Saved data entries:
=== Begin Enclosure ===
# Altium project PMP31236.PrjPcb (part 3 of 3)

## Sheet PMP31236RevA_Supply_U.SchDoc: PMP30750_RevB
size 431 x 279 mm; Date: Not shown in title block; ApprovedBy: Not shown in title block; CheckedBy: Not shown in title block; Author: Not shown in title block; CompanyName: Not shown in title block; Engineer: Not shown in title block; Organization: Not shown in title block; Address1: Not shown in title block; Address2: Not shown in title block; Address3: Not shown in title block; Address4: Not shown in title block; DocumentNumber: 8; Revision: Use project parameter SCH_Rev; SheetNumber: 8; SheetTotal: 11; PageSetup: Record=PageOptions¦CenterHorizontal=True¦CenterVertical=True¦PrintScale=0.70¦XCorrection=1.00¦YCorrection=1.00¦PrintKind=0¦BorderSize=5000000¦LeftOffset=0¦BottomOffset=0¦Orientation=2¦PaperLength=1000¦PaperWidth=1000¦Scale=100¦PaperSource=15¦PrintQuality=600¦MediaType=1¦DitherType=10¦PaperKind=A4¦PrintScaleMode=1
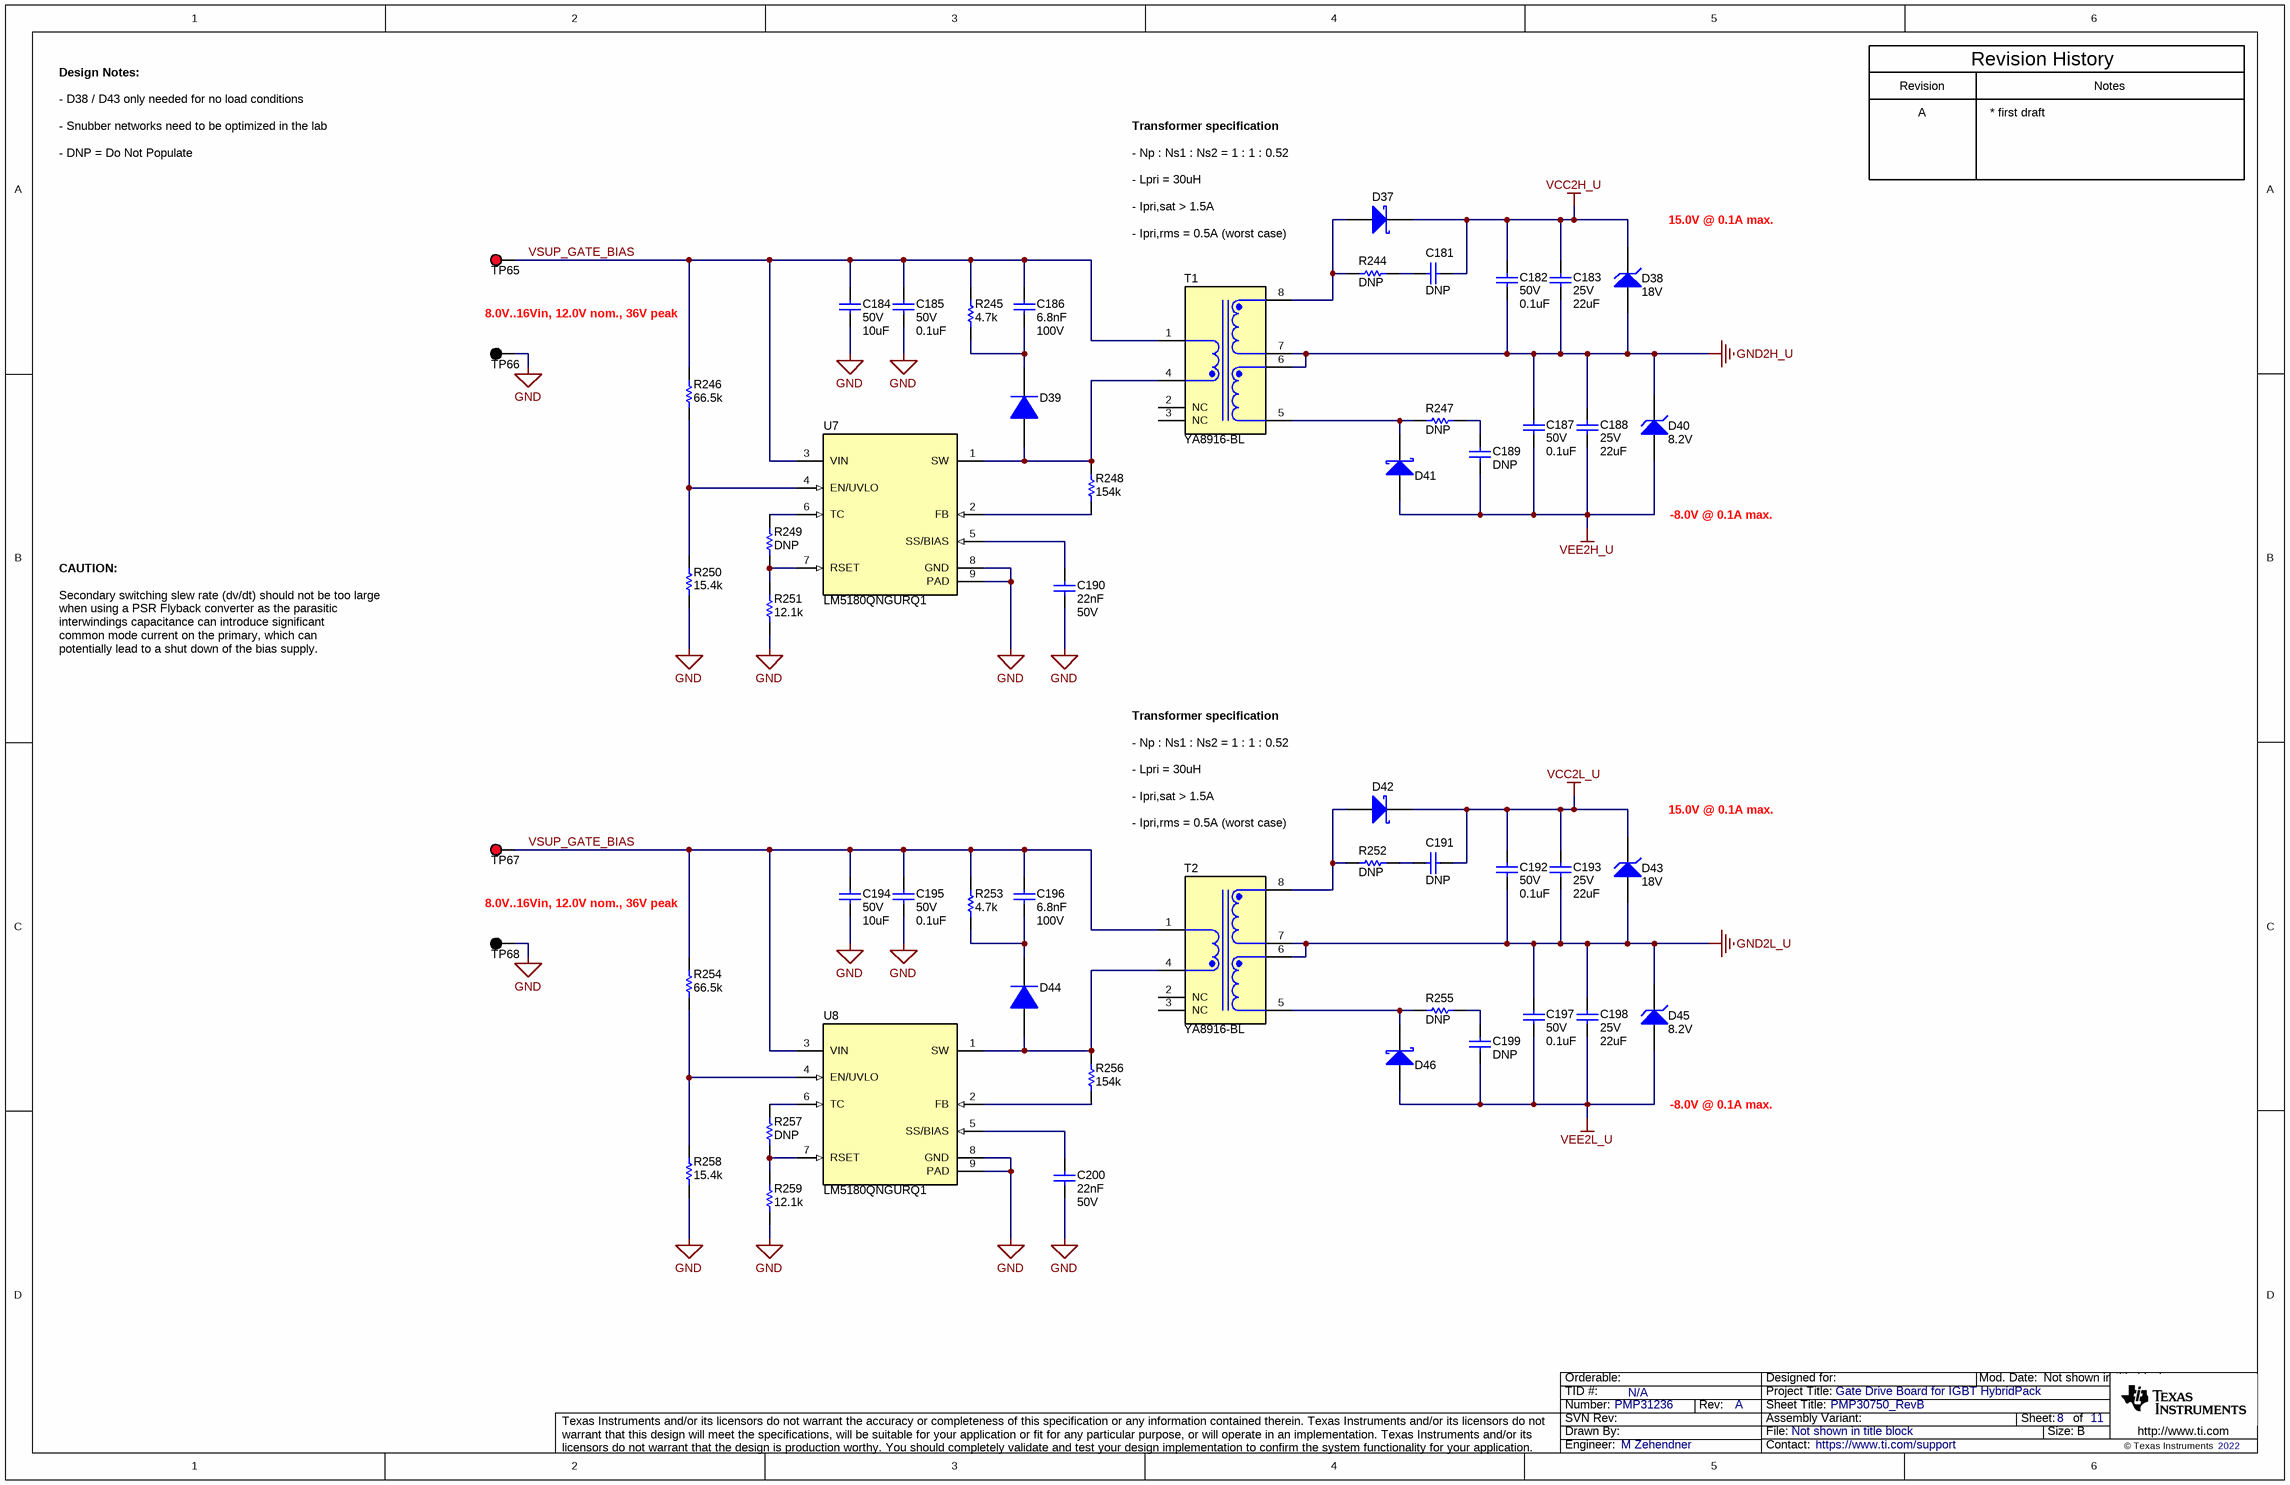
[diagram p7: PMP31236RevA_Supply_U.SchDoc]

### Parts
C181  Cap_F: DNP  [0603]  (hidden comment: GRM188R71H102KA01D)
C182  VDC_V: 50V  ValueDisplayed: 0.1uF  [0402]  (hidden comment: GRM155R71H104ME14D)
C183  VDC_V: 25V  ValueDisplayed: 22uF  [1210_270]  (hidden comment: TMK325B7226MM-PR)
C184  VDC_V: 50V  ValueDisplayed: 10uF  [1210_270]  (hidden comment: GRM32ER71H106KA12L)
C185  VDC_V: 50V  ValueDisplayed: 0.1uF  [0402]  (hidden comment: GRM155R71H104ME14D)
C186  Cap_F: 6.8nF  VDC_V: 100V  [0603]  (hidden comment: GRM188R72A682KA01D)
C187  VDC_V: 50V  ValueDisplayed: 0.1uF  [0402]  (hidden comment: GRM155R71H104ME14D)
C188  VDC_V: 25V  ValueDisplayed: 22uF  [1210_270]  (hidden comment: TMK325B7226MM-PR)
C189  Cap_F: DNP  [0603]  (hidden comment: GRM188R71H102KA01D)
C190  Cap_F: 22nF  VDC_V: 50V  [0603]  (hidden comment: GRM188R71H223KA01D)
C191  Cap_F: DNP  [0603]  (hidden comment: GRM188R71H102KA01D)
C192  VDC_V: 50V  ValueDisplayed: 0.1uF  [0402]  (hidden comment: GRM155R71H104ME14D)
C193  VDC_V: 25V  ValueDisplayed: 22uF  [1210_270]  (hidden comment: TMK325B7226MM-PR)
C194  VDC_V: 50V  ValueDisplayed: 10uF  [1210_270]  (hidden comment: GRM32ER71H106KA12L)
C195  VDC_V: 50V  ValueDisplayed: 0.1uF  [0402]  (hidden comment: GRM155R71H104ME14D)
C196  Cap_F: 6.8nF  VDC_V: 100V  [0603]  (hidden comment: GRM188R72A682KA01D)
C197  VDC_V: 50V  ValueDisplayed: 0.1uF  [0402]  (hidden comment: GRM155R71H104ME14D)
C198  VDC_V: 25V  ValueDisplayed: 22uF  [1210_270]  (hidden comment: TMK325B7226MM-PR)
C199  Cap_F: DNP  [0603]  (hidden comment: GRM188R71H102KA01D)
C200  Cap_F: 22nF  VDC_V: 50V  [0603]  (hidden comment: GRM188R71H223KA01D)
D37  PMEG6010CEH,115  [SOD-123F]  (value not drawn)
D38  value 18V  [SOD-123]  (hidden comment: MMSZ5248B-7-F)
D39  BAS16D-E3-08  [SOD-123]  (value not drawn)
D40  value 8.2V  [SOD-123]  (hidden comment: MMSZ4694-HE3-08)
D41  PMEG6010CEH,115  [SOD-123F]  (value not drawn)
D42  PMEG6010CEH,115  [SOD-123F]  (value not drawn)
D43  value 18V  [SOD-123]  (hidden comment: MMSZ5248B-7-F)
D44  BAS16D-E3-08  [SOD-123]  (value not drawn)
D45  value 8.2V  [SOD-123]  (hidden comment: MMSZ4694-HE3-08)
D46  PMEG6010CEH,115  [SOD-123F]  (value not drawn)
R244  ValueDisplayed: DNP  [0603]  (hidden comment: CRCW060310R0FKEAHP)
R245  ValueDisplayed: 4.7k  [0805_HV]  (hidden comment: CRCW08054K70JNEA)
R246  ValueDisplayed: 66.5k  [0402]  (hidden comment: CRCW040266K5FKED)
R247  ValueDisplayed: DNP  [0603]  (hidden comment: CRCW060310R0FKEAHP)
R248  ValueDisplayed: 154k  [0402]  (hidden comment: CRCW0402154KFKED)
R249  ValueDisplayed: DNP  [0402]  (hidden comment: CRCW04020000Z0ED)
R250  ValueDisplayed: 15.4k  [0402]  (hidden comment: CRCW040215K4FKED)
R251  ValueDisplayed: 12.1k  [0402]  (hidden comment: CRCW040212K1FKED)
R252  ValueDisplayed: DNP  [0603]  (hidden comment: CRCW060310R0FKEAHP)
R253  ValueDisplayed: 4.7k  [0805_HV]  (hidden comment: CRCW08054K70JNEA)
R254  ValueDisplayed: 66.5k  [0402]  (hidden comment: CRCW040266K5FKED)
R255  ValueDisplayed: DNP  [0603]  (hidden comment: CRCW060310R0FKEAHP)
R256  ValueDisplayed: 154k  [0402]  (hidden comment: CRCW0402154KFKED)
R257  ValueDisplayed: DNP  [0402]  (hidden comment: CRCW04020000Z0ED)
R258  ValueDisplayed: 15.4k  [0402]  (hidden comment: CRCW040215K4FKED)
R259  ValueDisplayed: 12.1k  [0402]  (hidden comment: CRCW040212K1FKED)
T1  YA8916-BL  [Coilcraft_YA8916-BL]
T2  YA8916-BL  [Coilcraft_YA8916-BL]
TP65  5000  [Keystone5000]  (value not drawn)
TP66  5001  [Keystone5001]  (value not drawn)
TP67  5000  [Keystone5000]  (value not drawn)
TP68  5001  [Keystone5001]  (value not drawn)
U7  LM5180QNGURQ1  [NGU0008C]
U8  LM5180QNGURQ1  [NGU0008C]

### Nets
GND: C184.2 C185.2 C190.2 C194.2 C195.2 C200.2 R250.1 R251.1 R258.1 R259.1 TP66.1 TP68.1 U7.8(GND) U7.9(PAD) U8.8(GND) U8.9(PAD)
GND2H_U: C182.2 C183.2 C187.1 C188.1 D38.2(A) D40.1(K) T1.6 T1.7
GND2L_U: C192.2 C193.2 C197.1 C198.1 D43.2(A) D45.1(K) T2.6 T2.7
VCC2H_U: C181.1 C182.1 C183.1 D37.1(K) D38.1(K)
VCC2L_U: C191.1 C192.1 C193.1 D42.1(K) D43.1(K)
=== End Enclosure ===
Exercise brief -
Repeat the records in full, exactly as they appear, but with the pictures removed.

Result below -
# Altium project PMP31236.PrjPcb (part 3 of 3)

## Sheet PMP31236RevA_Supply_U.SchDoc: PMP30750_RevB
size 431 x 279 mm; Date: Not shown in title block; ApprovedBy: Not shown in title block; CheckedBy: Not shown in title block; Author: Not shown in title block; CompanyName: Not shown in title block; Engineer: Not shown in title block; Organization: Not shown in title block; Address1: Not shown in title block; Address2: Not shown in title block; Address3: Not shown in title block; Address4: Not shown in title block; DocumentNumber: 8; Revision: Use project parameter SCH_Rev; SheetNumber: 8; SheetTotal: 11; PageSetup: Record=PageOptions¦CenterHorizontal=True¦CenterVertical=True¦PrintScale=0.70¦XCorrection=1.00¦YCorrection=1.00¦PrintKind=0¦BorderSize=5000000¦LeftOffset=0¦BottomOffset=0¦Orientation=2¦PaperLength=1000¦PaperWidth=1000¦Scale=100¦PaperSource=15¦PrintQuality=600¦MediaType=1¦DitherType=10¦PaperKind=A4¦PrintScaleMode=1
[diagram p7: PMP31236RevA_Supply_U.SchDoc]

### Parts
C181  Cap_F: DNP  [0603]  (hidden comment: GRM188R71H102KA01D)
C182  VDC_V: 50V  ValueDisplayed: 0.1uF  [0402]  (hidden comment: GRM155R71H104ME14D)
C183  VDC_V: 25V  ValueDisplayed: 22uF  [1210_270]  (hidden comment: TMK325B7226MM-PR)
C184  VDC_V: 50V  ValueDisplayed: 10uF  [1210_270]  (hidden comment: GRM32ER71H106KA12L)
C185  VDC_V: 50V  ValueDisplayed: 0.1uF  [0402]  (hidden comment: GRM155R71H104ME14D)
C186  Cap_F: 6.8nF  VDC_V: 100V  [0603]  (hidden comment: GRM188R72A682KA01D)
C187  VDC_V: 50V  ValueDisplayed: 0.1uF  [0402]  (hidden comment: GRM155R71H104ME14D)
C188  VDC_V: 25V  ValueDisplayed: 22uF  [1210_270]  (hidden comment: TMK325B7226MM-PR)
C189  Cap_F: DNP  [0603]  (hidden comment: GRM188R71H102KA01D)
C190  Cap_F: 22nF  VDC_V: 50V  [0603]  (hidden comment: GRM188R71H223KA01D)
C191  Cap_F: DNP  [0603]  (hidden comment: GRM188R71H102KA01D)
C192  VDC_V: 50V  ValueDisplayed: 0.1uF  [0402]  (hidden comment: GRM155R71H104ME14D)
C193  VDC_V: 25V  ValueDisplayed: 22uF  [1210_270]  (hidden comment: TMK325B7226MM-PR)
C194  VDC_V: 50V  ValueDisplayed: 10uF  [1210_270]  (hidden comment: GRM32ER71H106KA12L)
C195  VDC_V: 50V  ValueDisplayed: 0.1uF  [0402]  (hidden comment: GRM155R71H104ME14D)
C196  Cap_F: 6.8nF  VDC_V: 100V  [0603]  (hidden comment: GRM188R72A682KA01D)
C197  VDC_V: 50V  ValueDisplayed: 0.1uF  [0402]  (hidden comment: GRM155R71H104ME14D)
C198  VDC_V: 25V  ValueDisplayed: 22uF  [1210_270]  (hidden comment: TMK325B7226MM-PR)
C199  Cap_F: DNP  [0603]  (hidden comment: GRM188R71H102KA01D)
C200  Cap_F: 22nF  VDC_V: 50V  [0603]  (hidden comment: GRM188R71H223KA01D)
D37  PMEG6010CEH,115  [SOD-123F]  (value not drawn)
D38  value 18V  [SOD-123]  (hidden comment: MMSZ5248B-7-F)
D39  BAS16D-E3-08  [SOD-123]  (value not drawn)
D40  value 8.2V  [SOD-123]  (hidden comment: MMSZ4694-HE3-08)
D41  PMEG6010CEH,115  [SOD-123F]  (value not drawn)
D42  PMEG6010CEH,115  [SOD-123F]  (value not drawn)
D43  value 18V  [SOD-123]  (hidden comment: MMSZ5248B-7-F)
D44  BAS16D-E3-08  [SOD-123]  (value not drawn)
D45  value 8.2V  [SOD-123]  (hidden comment: MMSZ4694-HE3-08)
D46  PMEG6010CEH,115  [SOD-123F]  (value not drawn)
R244  ValueDisplayed: DNP  [0603]  (hidden comment: CRCW060310R0FKEAHP)
R245  ValueDisplayed: 4.7k  [0805_HV]  (hidden comment: CRCW08054K70JNEA)
R246  ValueDisplayed: 66.5k  [0402]  (hidden comment: CRCW040266K5FKED)
R247  ValueDisplayed: DNP  [0603]  (hidden comment: CRCW060310R0FKEAHP)
R248  ValueDisplayed: 154k  [0402]  (hidden comment: CRCW0402154KFKED)
R249  ValueDisplayed: DNP  [0402]  (hidden comment: CRCW04020000Z0ED)
R250  ValueDisplayed: 15.4k  [0402]  (hidden comment: CRCW040215K4FKED)
R251  ValueDisplayed: 12.1k  [0402]  (hidden comment: CRCW040212K1FKED)
R252  ValueDisplayed: DNP  [0603]  (hidden comment: CRCW060310R0FKEAHP)
R253  ValueDisplayed: 4.7k  [0805_HV]  (hidden comment: CRCW08054K70JNEA)
R254  ValueDisplayed: 66.5k  [0402]  (hidden comment: CRCW040266K5FKED)
R255  ValueDisplayed: DNP  [0603]  (hidden comment: CRCW060310R0FKEAHP)
R256  ValueDisplayed: 154k  [0402]  (hidden comment: CRCW0402154KFKED)
R257  ValueDisplayed: DNP  [0402]  (hidden comment: CRCW04020000Z0ED)
R258  ValueDisplayed: 15.4k  [0402]  (hidden comment: CRCW040215K4FKED)
R259  ValueDisplayed: 12.1k  [0402]  (hidden comment: CRCW040212K1FKED)
T1  YA8916-BL  [Coilcraft_YA8916-BL]
T2  YA8916-BL  [Coilcraft_YA8916-BL]
TP65  5000  [Keystone5000]  (value not drawn)
TP66  5001  [Keystone5001]  (value not drawn)
TP67  5000  [Keystone5000]  (value not drawn)
TP68  5001  [Keystone5001]  (value not drawn)
U7  LM5180QNGURQ1  [NGU0008C]
U8  LM5180QNGURQ1  [NGU0008C]

### Nets
GND: C184.2 C185.2 C190.2 C194.2 C195.2 C200.2 R250.1 R251.1 R258.1 R259.1 TP66.1 TP68.1 U7.8(GND) U7.9(PAD) U8.8(GND) U8.9(PAD)
GND2H_U: C182.2 C183.2 C187.1 C188.1 D38.2(A) D40.1(K) T1.6 T1.7
GND2L_U: C192.2 C193.2 C197.1 C198.1 D43.2(A) D45.1(K) T2.6 T2.7
VCC2H_U: C181.1 C182.1 C183.1 D37.1(K) D38.1(K)
VCC2L_U: C191.1 C192.1 C193.1 D42.1(K) D43.1(K)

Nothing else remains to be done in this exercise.